自劍陣八門處走出,其實還要再往上走,才能夠到青鋒解真正的山門。


    可自踏出這陣法之後,也就已經算是走入了青鋒解的山門當中,再往上走,是白玉山階,直通玉霄,若是現在是夜間,四下無光,唯有星月在天,那麽來人每每踏步,腳下的山階便會生出漣漪。


    步步升玉階,自此非凡人。


    自然讓人心中生出別離凡塵,清虛奧妙的感覺來,若按照鴻落羽的說法,那便是天底下一等一的排麵,讓他羨慕得緊,踏上山門,迎麵便是一柄巨大石劍,立在這演武場中央。


    氣魄雄渾。


    劍脊上可有青鋒解三字,字字淩厲入骨,其意境之大,遠甚於俗世中所謂書法大家,卓傲不群。


    那老者跟在了宮玉和王安風的身後,站在最後一級台階之上。


    他看著那近在咫尺的青鋒解三字,可是卻沒有像是剛剛在山下的時候那樣失態,他隻是深深吸了口氣,然後抬起右腳,輕輕踏在了山門上。


    一絲玉光亮起。


    便有漣漪四下擴散。


    這腳步聲音雖然輕微,可是對他而言卻不差於振聾發聵,開天辟地第一聲。


    老人身軀微微顫抖。


    王安風站在這山門之處,心中卻是罕見的平靜。


    說起來,這已經是他第二次踏入這稱為天下隱門第一的劍派當中,而兩次也都是跟在宮玉的身後,隻是那個時候,自己還隻不過是個初出茅廬的江湖新手,現在則不然,已經變了許多。


    而那個時候,他也不是孤身一人。


    有百裏封,有拓跋月,也有薛琴霜。


    在離開青鋒解的時候,身邊還有一輩子沒出過這麽遠門的傅墨夫子。


    此時站在這青鋒解的入口處,放眼可見的風景和當年一般無二,天地是不會有半點變化的,山川也一樣,會變的隻有人。


    可是今日的青鋒解卻和當年所見,清淨的山門不同。


    王安風放眼所見的方向,除去了那些穿著白色劍袍的青鋒解弟子之外,還有許多明顯出自於其他門派的年輕武者,甚至於這些武者並不一定是用的長劍,有空手,也有用的長刀重槍。


    空氣中有某種浮躁的氣息在浮動著。


    而這氣息在其餘人看到宮玉親自將王安風接引上來之後,更是越發浮躁,隻是迅速便又安定了下來,並沒有被其餘人察覺,隻是在氣機感應遠超常人的王安風眼中卻仍舊明顯。


    其中一名年有二十四五,身穿華服的青年迎上前來,朝著宮玉抱拳行了一禮,笑道:


    “宮玉前輩,方才動靜如此之大,不知是發什了什麽事情?”


    “我等方才都還在靜室中苦修,是以未曾知道。
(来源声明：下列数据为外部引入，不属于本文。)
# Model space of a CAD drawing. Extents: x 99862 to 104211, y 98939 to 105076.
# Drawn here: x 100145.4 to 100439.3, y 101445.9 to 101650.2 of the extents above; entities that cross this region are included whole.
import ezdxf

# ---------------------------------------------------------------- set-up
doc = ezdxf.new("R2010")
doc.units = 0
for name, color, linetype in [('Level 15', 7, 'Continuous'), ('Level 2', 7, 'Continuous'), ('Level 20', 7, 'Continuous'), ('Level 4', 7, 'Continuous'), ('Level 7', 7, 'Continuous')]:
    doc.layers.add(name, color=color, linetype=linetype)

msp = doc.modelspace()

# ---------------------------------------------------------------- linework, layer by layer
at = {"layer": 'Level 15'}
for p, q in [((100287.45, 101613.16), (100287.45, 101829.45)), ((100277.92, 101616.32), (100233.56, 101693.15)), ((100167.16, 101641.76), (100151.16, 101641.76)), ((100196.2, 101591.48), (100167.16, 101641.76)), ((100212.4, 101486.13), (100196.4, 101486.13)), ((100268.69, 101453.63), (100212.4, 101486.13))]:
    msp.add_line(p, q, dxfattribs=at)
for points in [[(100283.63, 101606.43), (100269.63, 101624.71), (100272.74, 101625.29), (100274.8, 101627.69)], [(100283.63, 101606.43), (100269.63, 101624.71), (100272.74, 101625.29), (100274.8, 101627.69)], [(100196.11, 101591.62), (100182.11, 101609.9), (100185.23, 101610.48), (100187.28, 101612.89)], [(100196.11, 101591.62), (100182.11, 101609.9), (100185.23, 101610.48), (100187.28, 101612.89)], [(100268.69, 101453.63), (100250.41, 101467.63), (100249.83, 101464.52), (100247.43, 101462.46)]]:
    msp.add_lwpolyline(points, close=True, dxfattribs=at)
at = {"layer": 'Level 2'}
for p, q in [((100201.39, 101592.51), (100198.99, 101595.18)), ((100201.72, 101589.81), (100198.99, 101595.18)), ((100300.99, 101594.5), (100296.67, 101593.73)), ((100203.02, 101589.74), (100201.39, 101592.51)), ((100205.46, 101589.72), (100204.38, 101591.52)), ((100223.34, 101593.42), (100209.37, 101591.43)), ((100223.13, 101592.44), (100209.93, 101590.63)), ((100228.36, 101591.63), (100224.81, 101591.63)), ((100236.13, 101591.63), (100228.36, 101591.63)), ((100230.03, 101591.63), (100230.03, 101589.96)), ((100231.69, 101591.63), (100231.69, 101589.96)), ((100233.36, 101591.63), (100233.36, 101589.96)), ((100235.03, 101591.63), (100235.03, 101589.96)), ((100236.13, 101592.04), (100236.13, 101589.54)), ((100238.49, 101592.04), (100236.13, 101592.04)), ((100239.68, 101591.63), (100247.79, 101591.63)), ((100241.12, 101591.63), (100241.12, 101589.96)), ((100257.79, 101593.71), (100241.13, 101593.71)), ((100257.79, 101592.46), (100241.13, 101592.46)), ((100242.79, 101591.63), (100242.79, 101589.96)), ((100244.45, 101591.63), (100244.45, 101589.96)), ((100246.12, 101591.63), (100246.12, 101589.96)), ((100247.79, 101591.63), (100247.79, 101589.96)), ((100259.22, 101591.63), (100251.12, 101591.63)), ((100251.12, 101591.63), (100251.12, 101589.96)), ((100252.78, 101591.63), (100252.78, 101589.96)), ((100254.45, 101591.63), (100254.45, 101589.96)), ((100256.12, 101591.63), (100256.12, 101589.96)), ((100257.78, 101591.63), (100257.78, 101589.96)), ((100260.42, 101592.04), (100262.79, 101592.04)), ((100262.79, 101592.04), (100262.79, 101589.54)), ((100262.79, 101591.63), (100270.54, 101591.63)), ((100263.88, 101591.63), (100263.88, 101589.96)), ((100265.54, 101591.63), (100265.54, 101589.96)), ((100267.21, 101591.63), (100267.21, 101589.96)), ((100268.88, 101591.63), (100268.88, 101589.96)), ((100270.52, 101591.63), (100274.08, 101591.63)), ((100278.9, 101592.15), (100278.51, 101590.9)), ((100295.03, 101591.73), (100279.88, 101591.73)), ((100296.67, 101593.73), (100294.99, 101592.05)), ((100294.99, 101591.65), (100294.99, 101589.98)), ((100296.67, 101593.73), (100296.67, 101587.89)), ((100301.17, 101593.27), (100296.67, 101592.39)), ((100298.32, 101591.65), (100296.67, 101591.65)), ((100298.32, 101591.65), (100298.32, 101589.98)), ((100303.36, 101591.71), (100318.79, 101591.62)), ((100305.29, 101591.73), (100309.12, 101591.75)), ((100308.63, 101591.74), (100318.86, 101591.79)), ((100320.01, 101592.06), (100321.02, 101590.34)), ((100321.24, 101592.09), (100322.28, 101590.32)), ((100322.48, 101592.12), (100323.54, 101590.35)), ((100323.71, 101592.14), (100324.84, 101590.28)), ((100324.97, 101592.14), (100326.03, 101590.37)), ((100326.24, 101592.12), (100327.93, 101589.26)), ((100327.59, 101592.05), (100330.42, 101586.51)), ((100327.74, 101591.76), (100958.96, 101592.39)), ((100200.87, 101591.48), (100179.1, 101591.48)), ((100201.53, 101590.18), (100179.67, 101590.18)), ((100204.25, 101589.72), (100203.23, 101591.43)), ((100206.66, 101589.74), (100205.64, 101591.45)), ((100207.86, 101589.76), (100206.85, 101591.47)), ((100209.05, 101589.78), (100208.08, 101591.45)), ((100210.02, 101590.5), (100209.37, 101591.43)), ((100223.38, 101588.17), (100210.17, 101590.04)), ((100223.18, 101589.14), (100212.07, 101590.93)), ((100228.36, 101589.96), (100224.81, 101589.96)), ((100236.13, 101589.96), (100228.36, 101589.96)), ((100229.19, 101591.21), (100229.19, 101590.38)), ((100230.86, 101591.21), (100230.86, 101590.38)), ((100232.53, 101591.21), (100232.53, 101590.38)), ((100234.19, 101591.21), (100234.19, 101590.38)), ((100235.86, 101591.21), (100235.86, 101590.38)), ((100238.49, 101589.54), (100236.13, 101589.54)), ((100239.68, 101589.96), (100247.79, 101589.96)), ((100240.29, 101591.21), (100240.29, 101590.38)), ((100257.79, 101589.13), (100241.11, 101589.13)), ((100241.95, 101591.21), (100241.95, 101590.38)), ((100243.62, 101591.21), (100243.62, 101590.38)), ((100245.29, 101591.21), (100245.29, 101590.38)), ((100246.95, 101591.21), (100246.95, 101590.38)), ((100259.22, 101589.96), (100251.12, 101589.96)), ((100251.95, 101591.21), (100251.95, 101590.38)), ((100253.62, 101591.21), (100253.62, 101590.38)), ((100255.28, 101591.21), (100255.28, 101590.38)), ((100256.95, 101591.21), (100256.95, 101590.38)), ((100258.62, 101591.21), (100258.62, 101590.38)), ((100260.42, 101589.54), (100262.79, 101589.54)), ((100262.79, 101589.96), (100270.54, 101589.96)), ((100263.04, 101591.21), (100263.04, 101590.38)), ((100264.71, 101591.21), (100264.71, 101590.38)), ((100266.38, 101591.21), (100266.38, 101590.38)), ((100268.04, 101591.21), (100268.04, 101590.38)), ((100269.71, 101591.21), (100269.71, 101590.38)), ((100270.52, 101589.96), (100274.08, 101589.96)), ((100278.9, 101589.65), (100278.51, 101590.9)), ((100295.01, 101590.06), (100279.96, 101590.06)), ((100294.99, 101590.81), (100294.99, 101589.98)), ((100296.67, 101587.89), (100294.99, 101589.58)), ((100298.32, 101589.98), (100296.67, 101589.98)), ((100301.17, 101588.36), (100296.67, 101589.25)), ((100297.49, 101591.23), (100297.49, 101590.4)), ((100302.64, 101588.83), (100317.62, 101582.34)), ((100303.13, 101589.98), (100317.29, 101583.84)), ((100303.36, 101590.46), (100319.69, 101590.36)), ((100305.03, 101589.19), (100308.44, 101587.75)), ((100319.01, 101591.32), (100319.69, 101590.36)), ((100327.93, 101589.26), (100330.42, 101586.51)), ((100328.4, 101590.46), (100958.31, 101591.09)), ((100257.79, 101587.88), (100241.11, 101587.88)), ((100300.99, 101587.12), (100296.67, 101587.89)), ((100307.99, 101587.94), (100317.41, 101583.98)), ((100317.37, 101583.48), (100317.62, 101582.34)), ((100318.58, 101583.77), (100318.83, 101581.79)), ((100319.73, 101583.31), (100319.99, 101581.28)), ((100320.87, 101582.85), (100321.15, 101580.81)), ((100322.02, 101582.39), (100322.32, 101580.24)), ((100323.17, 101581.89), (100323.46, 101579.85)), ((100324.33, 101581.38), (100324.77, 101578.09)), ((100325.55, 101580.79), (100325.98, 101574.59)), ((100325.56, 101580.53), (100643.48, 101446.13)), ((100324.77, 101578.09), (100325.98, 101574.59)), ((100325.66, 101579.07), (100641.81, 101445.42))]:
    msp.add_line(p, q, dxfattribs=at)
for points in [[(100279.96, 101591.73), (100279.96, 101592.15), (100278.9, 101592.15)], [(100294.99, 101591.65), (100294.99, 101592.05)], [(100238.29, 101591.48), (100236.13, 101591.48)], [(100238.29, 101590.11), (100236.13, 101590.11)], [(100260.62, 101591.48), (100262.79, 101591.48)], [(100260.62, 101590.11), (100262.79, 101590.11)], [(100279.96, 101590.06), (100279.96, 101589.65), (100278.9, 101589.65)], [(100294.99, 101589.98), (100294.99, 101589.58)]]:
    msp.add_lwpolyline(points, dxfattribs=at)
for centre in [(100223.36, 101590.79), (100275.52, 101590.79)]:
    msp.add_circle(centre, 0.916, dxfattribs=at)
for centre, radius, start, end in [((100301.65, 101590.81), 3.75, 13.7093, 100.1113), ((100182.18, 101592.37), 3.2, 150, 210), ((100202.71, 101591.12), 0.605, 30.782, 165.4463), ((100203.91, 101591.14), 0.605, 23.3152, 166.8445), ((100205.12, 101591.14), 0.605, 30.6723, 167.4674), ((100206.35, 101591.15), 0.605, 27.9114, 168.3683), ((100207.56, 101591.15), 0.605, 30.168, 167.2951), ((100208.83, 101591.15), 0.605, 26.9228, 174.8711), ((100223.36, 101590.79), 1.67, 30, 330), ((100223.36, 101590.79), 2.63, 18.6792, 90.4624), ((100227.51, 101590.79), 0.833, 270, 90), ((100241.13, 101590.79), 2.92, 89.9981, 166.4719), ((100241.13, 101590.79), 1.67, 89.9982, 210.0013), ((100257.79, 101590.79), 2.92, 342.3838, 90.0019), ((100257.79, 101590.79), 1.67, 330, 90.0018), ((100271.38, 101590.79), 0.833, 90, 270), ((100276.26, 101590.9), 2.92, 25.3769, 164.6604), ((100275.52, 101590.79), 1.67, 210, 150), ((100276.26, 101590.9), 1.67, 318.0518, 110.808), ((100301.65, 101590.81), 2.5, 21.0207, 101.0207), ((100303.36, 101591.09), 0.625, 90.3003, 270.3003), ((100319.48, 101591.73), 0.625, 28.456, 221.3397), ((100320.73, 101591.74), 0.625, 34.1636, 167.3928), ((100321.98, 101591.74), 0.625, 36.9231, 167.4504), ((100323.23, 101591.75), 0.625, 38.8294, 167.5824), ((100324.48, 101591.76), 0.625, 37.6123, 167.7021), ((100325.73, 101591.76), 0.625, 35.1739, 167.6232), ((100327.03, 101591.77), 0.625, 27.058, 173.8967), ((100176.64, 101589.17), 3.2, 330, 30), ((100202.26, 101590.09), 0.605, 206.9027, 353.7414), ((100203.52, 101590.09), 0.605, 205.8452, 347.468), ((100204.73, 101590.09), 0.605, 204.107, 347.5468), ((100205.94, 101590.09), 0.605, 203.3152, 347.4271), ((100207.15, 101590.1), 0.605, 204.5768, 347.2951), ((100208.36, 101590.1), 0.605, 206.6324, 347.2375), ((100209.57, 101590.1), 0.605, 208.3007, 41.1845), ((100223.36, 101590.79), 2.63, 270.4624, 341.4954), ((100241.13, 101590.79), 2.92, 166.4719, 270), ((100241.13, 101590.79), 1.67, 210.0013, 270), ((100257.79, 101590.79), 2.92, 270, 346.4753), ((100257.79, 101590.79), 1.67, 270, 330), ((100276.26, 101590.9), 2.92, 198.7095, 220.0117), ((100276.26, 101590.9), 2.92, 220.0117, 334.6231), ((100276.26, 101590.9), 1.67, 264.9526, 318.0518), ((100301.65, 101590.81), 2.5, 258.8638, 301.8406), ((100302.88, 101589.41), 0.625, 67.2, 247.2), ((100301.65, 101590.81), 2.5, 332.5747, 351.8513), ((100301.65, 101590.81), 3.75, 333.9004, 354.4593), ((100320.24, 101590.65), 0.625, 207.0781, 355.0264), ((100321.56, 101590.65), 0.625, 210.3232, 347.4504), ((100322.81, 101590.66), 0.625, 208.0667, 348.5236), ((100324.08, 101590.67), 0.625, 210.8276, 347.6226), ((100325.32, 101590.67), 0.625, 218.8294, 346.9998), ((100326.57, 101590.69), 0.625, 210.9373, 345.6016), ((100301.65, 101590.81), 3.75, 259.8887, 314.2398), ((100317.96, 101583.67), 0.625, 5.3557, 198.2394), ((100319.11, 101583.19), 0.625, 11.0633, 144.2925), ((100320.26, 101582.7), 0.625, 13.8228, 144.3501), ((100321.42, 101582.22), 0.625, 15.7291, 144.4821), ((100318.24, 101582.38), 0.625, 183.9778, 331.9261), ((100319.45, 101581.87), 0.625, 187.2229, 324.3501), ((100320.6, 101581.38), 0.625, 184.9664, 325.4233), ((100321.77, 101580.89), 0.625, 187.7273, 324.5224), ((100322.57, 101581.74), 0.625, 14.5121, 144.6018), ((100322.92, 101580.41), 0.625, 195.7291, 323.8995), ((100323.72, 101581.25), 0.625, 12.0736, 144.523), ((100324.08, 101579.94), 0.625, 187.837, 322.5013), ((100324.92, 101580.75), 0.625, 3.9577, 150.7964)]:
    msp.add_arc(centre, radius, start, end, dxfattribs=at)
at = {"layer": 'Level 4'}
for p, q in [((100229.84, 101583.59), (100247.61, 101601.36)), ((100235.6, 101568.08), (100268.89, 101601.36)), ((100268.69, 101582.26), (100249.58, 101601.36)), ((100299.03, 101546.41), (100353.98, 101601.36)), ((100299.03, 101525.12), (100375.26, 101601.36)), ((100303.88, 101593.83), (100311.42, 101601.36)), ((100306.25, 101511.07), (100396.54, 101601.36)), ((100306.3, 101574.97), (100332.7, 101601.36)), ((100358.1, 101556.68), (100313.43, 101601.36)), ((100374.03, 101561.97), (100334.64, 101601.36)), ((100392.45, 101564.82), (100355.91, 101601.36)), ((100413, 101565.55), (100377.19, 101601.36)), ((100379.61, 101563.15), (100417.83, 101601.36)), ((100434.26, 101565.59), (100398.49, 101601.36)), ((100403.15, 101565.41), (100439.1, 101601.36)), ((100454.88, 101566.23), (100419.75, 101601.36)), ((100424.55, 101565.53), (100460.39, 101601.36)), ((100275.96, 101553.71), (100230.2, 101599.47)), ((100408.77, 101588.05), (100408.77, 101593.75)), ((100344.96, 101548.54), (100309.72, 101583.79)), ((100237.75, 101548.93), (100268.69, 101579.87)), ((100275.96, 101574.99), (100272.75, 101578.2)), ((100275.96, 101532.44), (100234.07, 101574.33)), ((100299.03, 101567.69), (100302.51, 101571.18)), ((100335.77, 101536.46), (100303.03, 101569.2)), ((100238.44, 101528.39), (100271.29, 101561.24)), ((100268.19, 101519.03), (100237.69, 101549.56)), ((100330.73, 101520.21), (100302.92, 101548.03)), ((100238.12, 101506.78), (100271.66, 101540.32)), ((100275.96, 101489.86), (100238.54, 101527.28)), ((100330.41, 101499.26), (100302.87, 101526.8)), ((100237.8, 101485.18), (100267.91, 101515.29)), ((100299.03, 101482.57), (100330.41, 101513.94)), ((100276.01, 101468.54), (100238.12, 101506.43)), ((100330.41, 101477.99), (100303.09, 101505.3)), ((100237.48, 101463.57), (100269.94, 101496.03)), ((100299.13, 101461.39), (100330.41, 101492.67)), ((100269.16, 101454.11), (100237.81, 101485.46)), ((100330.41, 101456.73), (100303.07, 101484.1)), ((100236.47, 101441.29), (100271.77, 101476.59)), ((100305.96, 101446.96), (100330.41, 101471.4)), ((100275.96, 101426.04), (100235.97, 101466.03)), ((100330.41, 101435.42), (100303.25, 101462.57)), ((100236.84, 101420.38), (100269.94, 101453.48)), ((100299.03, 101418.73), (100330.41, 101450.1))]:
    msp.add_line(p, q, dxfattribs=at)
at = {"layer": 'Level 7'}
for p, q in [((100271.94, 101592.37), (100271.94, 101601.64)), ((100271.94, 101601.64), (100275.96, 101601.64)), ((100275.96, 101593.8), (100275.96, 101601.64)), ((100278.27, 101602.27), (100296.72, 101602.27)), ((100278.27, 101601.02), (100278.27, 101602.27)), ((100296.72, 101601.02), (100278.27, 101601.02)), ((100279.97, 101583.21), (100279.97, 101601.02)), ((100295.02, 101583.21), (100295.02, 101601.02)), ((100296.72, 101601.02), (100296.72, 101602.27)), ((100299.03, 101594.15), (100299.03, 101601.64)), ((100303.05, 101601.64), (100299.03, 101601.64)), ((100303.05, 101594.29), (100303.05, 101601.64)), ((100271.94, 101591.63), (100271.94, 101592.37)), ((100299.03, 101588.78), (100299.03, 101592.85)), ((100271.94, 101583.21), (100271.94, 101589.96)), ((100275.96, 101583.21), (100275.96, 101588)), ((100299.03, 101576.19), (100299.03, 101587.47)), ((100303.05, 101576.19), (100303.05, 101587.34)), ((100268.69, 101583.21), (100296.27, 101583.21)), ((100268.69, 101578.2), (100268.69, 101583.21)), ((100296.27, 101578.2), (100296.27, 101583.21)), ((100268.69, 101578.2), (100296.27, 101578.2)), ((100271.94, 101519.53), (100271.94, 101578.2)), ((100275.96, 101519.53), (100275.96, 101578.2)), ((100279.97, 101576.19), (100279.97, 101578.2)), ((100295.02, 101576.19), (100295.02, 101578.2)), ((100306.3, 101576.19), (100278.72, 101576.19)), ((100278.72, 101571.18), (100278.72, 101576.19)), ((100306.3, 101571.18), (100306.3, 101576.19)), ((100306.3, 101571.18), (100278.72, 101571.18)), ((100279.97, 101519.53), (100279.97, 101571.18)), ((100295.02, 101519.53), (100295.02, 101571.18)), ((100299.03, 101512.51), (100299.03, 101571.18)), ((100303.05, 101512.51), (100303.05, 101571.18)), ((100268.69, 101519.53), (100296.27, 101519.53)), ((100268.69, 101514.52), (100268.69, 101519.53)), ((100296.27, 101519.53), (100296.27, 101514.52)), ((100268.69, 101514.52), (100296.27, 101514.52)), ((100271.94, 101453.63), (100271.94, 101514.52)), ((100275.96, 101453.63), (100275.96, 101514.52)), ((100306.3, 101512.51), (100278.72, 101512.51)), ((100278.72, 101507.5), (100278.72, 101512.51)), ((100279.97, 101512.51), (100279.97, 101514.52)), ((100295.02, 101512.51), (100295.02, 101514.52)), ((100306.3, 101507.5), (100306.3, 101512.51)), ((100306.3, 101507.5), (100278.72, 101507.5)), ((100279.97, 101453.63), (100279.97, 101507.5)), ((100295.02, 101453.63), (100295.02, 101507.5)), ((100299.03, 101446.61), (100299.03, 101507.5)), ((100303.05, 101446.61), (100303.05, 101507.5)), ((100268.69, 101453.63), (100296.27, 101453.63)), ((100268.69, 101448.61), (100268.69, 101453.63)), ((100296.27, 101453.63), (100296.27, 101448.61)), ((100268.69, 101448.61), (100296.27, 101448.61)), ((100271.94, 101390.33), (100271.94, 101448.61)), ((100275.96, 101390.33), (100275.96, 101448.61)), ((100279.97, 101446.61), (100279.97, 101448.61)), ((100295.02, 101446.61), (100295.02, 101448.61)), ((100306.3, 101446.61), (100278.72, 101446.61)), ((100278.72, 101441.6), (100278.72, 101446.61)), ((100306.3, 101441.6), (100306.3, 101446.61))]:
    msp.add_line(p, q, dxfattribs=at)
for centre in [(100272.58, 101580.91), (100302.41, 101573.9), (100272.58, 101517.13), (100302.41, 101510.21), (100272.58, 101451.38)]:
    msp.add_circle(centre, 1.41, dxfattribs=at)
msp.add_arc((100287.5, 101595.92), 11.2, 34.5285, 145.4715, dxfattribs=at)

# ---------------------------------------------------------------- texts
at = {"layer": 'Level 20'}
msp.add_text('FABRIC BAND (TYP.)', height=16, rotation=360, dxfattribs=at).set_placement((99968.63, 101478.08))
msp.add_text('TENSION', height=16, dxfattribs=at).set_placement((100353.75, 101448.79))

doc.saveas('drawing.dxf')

”


    宮玉神色疏離,淡淡道:


    “無事,山下劍陣八門有所疏漏,山下營地中出了些危險。”


    “隻此而已。”


    宮玉未曾說實話,可是她臉上的神色想來清寒,除去王安風和那震動於青鋒解浩大氣象的老者之外,再也無人知道真相,那青年隻是了然頷首,他到此時方才正眼看向王安風和那老人,笑問道:


    “這位兄弟和老先生,就是山下營地的人?”


    老者迴過神來,頗為謹慎地點頭,未曾否認,人老成精,也沒有開口說出宮玉的謊言,更不可能說出來,剛剛那偌大的動靜正是旁邊這背著把木劍,不聲不響,看上去好說話的年輕人弄出來的,隻是苦笑感慨道:


    “老頭子確實是在山下的營地裏,遇到了這位小兄弟。”


    “也是承蒙小兄弟和宮女俠幫手,要不然啊,老頭子這條爛命恐怕就要扔在下麵了。”


    老人搖頭,撫劍長歎。


    這句話他說得可是真心實意,神色誠懇坦然,因為這本就是實話,他既然說的是實話,那麽就算是江湖各派中那些觀人相麵的手段,也絕看不出來什麽異樣和問題。


    順便還借助身上的傷勢,讓自己的氣息變得輕浮不定,像是個修武不成,不過尋常八九品的老邁武人。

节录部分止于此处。